Barbary Lane: The Most Famous SF Street That Doesn’t Exist

Macondray Lane is a narrow Russian Hill alleyway that branches off of Leavenworth, just north of Green Street. It’s a pleasant greenbelt with great views (most of it traversable only on foot), but seemingly unremarkable.

And yet, this is actually one of the most famous streets in San Francisco–or rather, it’s the nearest proxy for one of San Francisco’s most famous streets, one that does not in fact really exist.

On May 24, 1976, the first of SF writer Armistead Maupin’s Tales of the City stories appeared in the San Francisco Chronicle, in which ambitious but naive young Mary Ann Singleton decides to move to San Francisco despite what her disapproving parents say.

The first chapter does not mention Singleton’s eventual apartment at 28 Barbary Lane, but that address becomes the centerpiece of Maupin’s tale about the melodramatic antics of bohemian eccentrics.

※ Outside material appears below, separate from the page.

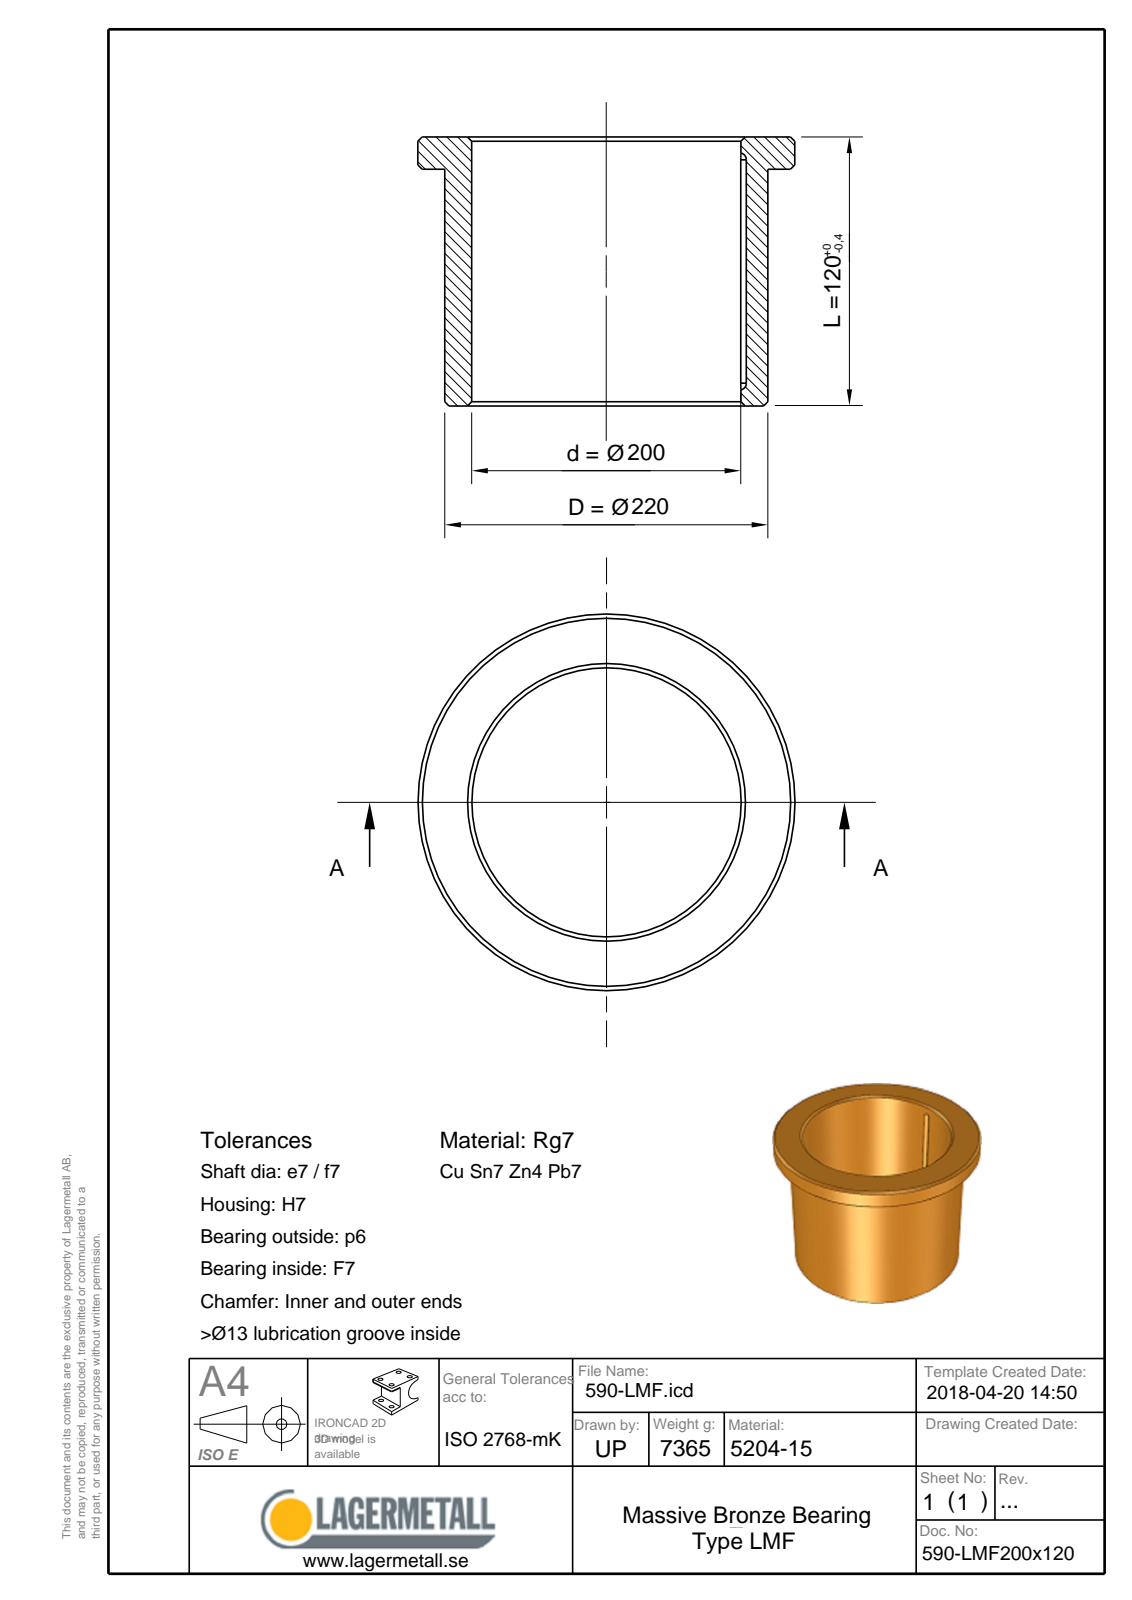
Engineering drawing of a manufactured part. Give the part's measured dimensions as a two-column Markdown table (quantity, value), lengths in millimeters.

The serial became a hit, in part for its at the time daring exploration of queer themes. Maupin adapted it into a book in 1978 and went on to write eight more Tales of the City books, the most recent in 2014, often returning to the Barbary Lane setting. The series spawned several TV shows, a BBC radio show, multiple musicals, and a sometimes obsessive fan following.

Most San Francisco readers probably know that there is no Barbary Lane in the city, but in a 2017 documentary interview Maupin confirmed that he based the neighborhood on Macondray, which by that time was already the worst kept secret in publishing.

These days Macondray Lane is a high-demand housing corridor, just like the rest of Russian Hill: Presently only one home is for sale, 44 Macondray #44E, a two bed, two bath condo that just listed for nearly $1.55 million a few days ago. Previously, six Macondray homes sold this year (all since June), all of them condos priced between $800K and $1.27-plus million.

The current 44 Macondray listing does not mention the Barbary Lane legacy, but many other listings that appear on this street do: “Legend has it that Armistead Maupin lived on the lane when he wrote Tales of the City, while strobe lights coming off Alcatraz Island flickered in his room,” one realtor wrote in three different listings here earlier this year.

Macondray has lots of history of its own outside of the stylings of Maupin–the alley has been included on the National Registry of Historic Places since 1987, as part of what’s actually called the Russian Hill-Macondray Lane Historic District.

But some people remain drawn to the mystique of the glamorous but elusive Barbary Lane vision instead; while Maupin did base his stories here and there will forever be an unshakable connection between the faux street and the real one, they’re never really quite the same thing, any more than Chris Evans is really Captain America.

The boost that Maupin gives to housing interests on this once-obscure side street are quite genuine either way though.